Weight Programming in DNN Analog Hardware Accelerators in the Presence of NVM Variability
Abstract
Crossbar arrays of nonvolatile memory (NVM) can potentially accelerate development of deep neural networks (DNNs) by implementing crucial multiply–accumulate (MAC) operations at the location of data. Effective weight-programming procedures can both minimize the performance impact during training and reduce the down time for inference, where new parameter sets may need to be loaded. Simultaneous weight programming along an entire dimension (e.g., row or column) of a crossbar array in the context of forward inference and training is shown to be important. A framework for determining the optimal hardware conditions in which to program weights is provided, and its efficacy in the presence of considerable NVM variability is explored through simulations.
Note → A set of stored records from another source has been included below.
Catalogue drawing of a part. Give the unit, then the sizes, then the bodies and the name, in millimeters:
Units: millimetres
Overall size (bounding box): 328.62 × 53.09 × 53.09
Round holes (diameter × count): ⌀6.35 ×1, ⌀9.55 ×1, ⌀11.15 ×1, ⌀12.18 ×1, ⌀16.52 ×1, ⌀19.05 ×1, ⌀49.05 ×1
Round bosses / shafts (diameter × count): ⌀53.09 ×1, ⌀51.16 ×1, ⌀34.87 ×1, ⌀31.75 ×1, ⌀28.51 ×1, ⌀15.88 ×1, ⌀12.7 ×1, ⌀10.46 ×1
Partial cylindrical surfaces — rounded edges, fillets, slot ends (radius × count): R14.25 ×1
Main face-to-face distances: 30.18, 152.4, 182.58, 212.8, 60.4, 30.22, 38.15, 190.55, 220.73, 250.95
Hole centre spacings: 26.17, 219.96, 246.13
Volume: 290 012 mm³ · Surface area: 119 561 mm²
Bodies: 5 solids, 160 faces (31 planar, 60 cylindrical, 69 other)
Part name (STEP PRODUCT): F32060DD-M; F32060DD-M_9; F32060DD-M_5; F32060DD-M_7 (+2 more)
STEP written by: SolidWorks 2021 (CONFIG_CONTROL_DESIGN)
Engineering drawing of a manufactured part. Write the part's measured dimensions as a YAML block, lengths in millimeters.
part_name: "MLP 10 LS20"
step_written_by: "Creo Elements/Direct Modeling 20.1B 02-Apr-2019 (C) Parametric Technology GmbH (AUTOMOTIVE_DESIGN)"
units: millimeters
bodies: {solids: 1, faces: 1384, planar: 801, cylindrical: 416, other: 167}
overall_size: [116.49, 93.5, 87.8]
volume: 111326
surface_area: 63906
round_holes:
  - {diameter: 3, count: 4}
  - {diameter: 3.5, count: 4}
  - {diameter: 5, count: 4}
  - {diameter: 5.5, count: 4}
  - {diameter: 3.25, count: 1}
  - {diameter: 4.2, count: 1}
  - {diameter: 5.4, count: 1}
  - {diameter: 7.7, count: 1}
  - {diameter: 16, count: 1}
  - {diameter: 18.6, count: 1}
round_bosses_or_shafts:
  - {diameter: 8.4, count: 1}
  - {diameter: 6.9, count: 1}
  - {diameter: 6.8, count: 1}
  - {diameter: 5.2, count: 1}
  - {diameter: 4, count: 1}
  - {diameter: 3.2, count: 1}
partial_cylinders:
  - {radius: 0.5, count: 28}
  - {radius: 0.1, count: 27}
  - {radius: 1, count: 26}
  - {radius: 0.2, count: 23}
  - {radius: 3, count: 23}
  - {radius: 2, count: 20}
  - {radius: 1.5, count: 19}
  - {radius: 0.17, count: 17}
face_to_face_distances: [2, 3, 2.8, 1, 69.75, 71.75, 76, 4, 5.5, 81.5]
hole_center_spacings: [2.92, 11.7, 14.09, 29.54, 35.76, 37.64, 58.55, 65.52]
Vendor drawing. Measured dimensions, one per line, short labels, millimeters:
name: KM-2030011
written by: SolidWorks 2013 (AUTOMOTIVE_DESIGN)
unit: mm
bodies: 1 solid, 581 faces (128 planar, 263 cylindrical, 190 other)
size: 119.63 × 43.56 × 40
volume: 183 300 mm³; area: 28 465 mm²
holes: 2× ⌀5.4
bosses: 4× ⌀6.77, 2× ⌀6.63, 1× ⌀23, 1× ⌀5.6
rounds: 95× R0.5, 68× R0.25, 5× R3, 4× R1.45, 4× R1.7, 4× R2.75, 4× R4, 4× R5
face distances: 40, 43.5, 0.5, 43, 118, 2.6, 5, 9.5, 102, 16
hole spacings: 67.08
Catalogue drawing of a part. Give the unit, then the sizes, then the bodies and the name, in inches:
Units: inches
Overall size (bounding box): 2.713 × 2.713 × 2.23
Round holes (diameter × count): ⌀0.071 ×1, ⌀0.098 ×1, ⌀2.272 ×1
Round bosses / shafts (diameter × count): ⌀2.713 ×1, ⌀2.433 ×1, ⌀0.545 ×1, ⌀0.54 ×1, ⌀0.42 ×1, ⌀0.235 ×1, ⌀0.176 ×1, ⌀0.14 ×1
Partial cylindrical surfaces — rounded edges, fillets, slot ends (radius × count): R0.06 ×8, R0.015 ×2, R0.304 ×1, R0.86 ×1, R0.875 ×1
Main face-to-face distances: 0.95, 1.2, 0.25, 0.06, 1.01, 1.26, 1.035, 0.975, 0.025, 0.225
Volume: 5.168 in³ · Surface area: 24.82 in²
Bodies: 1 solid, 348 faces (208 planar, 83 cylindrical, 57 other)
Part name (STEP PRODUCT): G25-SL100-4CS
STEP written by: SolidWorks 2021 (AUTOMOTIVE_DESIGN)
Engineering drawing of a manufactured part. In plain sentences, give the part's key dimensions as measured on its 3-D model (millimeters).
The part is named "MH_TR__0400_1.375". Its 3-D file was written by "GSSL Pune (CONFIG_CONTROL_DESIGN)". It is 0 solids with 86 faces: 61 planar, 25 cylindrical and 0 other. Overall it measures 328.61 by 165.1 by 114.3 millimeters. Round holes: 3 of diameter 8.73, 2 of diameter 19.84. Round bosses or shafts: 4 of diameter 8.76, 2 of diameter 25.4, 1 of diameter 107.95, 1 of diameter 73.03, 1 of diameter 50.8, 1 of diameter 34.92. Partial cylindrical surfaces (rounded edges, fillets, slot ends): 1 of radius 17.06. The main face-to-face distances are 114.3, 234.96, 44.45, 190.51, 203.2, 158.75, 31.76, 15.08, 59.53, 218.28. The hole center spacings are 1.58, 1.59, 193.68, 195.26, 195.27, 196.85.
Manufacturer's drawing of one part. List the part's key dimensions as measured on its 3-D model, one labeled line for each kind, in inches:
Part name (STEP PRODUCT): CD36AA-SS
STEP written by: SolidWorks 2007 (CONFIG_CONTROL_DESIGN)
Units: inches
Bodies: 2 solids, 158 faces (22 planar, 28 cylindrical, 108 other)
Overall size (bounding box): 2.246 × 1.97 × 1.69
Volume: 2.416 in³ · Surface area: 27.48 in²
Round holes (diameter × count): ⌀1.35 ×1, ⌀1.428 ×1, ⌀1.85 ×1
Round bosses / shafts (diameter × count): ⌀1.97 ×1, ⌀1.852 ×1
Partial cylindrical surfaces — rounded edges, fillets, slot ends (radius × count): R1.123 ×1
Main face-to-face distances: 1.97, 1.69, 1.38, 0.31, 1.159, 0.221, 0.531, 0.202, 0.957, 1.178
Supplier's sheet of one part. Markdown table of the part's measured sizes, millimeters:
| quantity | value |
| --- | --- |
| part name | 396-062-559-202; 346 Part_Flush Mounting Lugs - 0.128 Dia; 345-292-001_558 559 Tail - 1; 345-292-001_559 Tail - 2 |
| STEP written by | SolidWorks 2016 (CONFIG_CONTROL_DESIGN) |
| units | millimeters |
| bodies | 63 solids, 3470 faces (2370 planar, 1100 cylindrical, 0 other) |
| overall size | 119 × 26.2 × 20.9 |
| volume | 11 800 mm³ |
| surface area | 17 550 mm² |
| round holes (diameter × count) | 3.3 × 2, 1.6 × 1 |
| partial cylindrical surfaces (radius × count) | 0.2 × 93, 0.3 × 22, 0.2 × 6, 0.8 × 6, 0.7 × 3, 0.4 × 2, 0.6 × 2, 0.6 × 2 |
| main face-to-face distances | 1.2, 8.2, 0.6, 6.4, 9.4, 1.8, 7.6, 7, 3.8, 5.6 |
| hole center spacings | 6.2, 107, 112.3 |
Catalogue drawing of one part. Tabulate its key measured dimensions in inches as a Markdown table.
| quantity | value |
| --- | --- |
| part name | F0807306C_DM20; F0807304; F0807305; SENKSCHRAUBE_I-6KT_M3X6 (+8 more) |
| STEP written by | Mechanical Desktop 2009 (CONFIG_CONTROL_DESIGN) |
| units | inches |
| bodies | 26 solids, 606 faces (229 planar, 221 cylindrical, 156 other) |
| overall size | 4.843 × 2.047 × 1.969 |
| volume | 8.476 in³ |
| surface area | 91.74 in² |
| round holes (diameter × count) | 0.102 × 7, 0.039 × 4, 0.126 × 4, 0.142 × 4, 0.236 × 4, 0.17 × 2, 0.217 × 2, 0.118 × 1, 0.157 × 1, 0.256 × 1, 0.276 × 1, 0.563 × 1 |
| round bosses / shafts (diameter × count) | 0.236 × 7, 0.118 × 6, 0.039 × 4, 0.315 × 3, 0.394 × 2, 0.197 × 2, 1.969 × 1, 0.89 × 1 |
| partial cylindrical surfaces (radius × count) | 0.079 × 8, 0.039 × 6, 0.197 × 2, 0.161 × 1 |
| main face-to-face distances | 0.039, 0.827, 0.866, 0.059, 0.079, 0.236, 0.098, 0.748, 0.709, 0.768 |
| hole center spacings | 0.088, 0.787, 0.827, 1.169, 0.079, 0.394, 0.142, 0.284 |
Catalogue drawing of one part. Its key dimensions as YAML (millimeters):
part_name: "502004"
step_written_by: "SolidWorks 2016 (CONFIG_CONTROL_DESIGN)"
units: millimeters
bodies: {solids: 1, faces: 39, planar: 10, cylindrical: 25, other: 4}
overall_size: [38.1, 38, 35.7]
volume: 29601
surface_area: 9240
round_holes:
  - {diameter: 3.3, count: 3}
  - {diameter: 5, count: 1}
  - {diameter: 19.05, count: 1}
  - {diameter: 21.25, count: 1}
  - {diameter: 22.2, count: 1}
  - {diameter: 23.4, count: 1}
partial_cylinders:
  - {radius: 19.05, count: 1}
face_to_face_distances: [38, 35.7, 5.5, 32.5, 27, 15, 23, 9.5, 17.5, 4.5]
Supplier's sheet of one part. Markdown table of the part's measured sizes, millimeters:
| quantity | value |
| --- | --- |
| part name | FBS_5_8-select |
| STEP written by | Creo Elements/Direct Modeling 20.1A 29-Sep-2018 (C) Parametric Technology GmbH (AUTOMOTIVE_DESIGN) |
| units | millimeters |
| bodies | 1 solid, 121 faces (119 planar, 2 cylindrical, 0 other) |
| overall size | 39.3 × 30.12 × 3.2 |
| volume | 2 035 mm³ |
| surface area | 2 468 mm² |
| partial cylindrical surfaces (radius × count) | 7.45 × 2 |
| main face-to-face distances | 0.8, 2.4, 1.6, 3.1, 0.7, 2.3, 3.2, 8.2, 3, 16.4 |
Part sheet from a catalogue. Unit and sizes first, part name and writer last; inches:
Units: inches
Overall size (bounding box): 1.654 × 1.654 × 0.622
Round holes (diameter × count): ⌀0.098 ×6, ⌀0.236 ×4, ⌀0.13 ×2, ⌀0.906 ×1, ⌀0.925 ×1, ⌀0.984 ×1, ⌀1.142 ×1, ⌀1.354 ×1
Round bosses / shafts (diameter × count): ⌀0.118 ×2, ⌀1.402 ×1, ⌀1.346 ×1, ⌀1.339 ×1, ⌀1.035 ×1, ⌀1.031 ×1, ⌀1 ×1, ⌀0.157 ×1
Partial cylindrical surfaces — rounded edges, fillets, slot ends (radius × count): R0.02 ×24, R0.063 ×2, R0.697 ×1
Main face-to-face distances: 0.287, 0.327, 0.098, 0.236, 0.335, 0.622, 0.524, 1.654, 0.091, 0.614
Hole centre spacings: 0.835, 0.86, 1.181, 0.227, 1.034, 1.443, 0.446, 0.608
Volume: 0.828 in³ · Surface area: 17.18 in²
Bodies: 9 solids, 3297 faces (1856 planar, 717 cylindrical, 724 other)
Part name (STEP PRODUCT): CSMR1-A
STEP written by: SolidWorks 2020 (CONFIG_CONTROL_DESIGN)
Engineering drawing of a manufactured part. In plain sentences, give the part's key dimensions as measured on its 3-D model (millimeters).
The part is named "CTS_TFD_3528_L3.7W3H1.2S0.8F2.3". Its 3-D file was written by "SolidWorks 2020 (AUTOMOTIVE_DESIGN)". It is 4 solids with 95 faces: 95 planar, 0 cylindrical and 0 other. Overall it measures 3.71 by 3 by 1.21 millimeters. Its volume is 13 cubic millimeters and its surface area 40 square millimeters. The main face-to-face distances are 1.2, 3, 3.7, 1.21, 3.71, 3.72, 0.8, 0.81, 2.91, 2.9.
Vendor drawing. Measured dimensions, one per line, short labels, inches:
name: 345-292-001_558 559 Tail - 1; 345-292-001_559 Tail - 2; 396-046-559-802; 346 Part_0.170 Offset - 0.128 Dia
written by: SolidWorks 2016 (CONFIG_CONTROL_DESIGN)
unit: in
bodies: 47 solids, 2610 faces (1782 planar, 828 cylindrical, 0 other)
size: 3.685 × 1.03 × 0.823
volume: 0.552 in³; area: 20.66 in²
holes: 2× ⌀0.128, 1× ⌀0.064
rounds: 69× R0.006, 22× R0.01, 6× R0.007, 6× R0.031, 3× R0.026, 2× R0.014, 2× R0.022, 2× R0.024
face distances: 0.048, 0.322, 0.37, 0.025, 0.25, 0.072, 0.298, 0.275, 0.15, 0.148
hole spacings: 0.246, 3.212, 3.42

This strategy is shown capable of programming 98–99% of weights effectively, in a manner that is both largely independent of the target weight distribution and highly tolerant to variability in NVM conductance-versus-pulse characteristics. The probability that a weight fails to reach its target value, termed $ P_{fail} $ , is quantified and the fundamental trade-off between $ P_{fail} $ and weight programming speed is explored. Lastly, the impact of imperfectly programmed weights on DNN test accuracies is examined for various networks, including multi-layer perceptrons (MLPs) and long short-term memory (LSTM).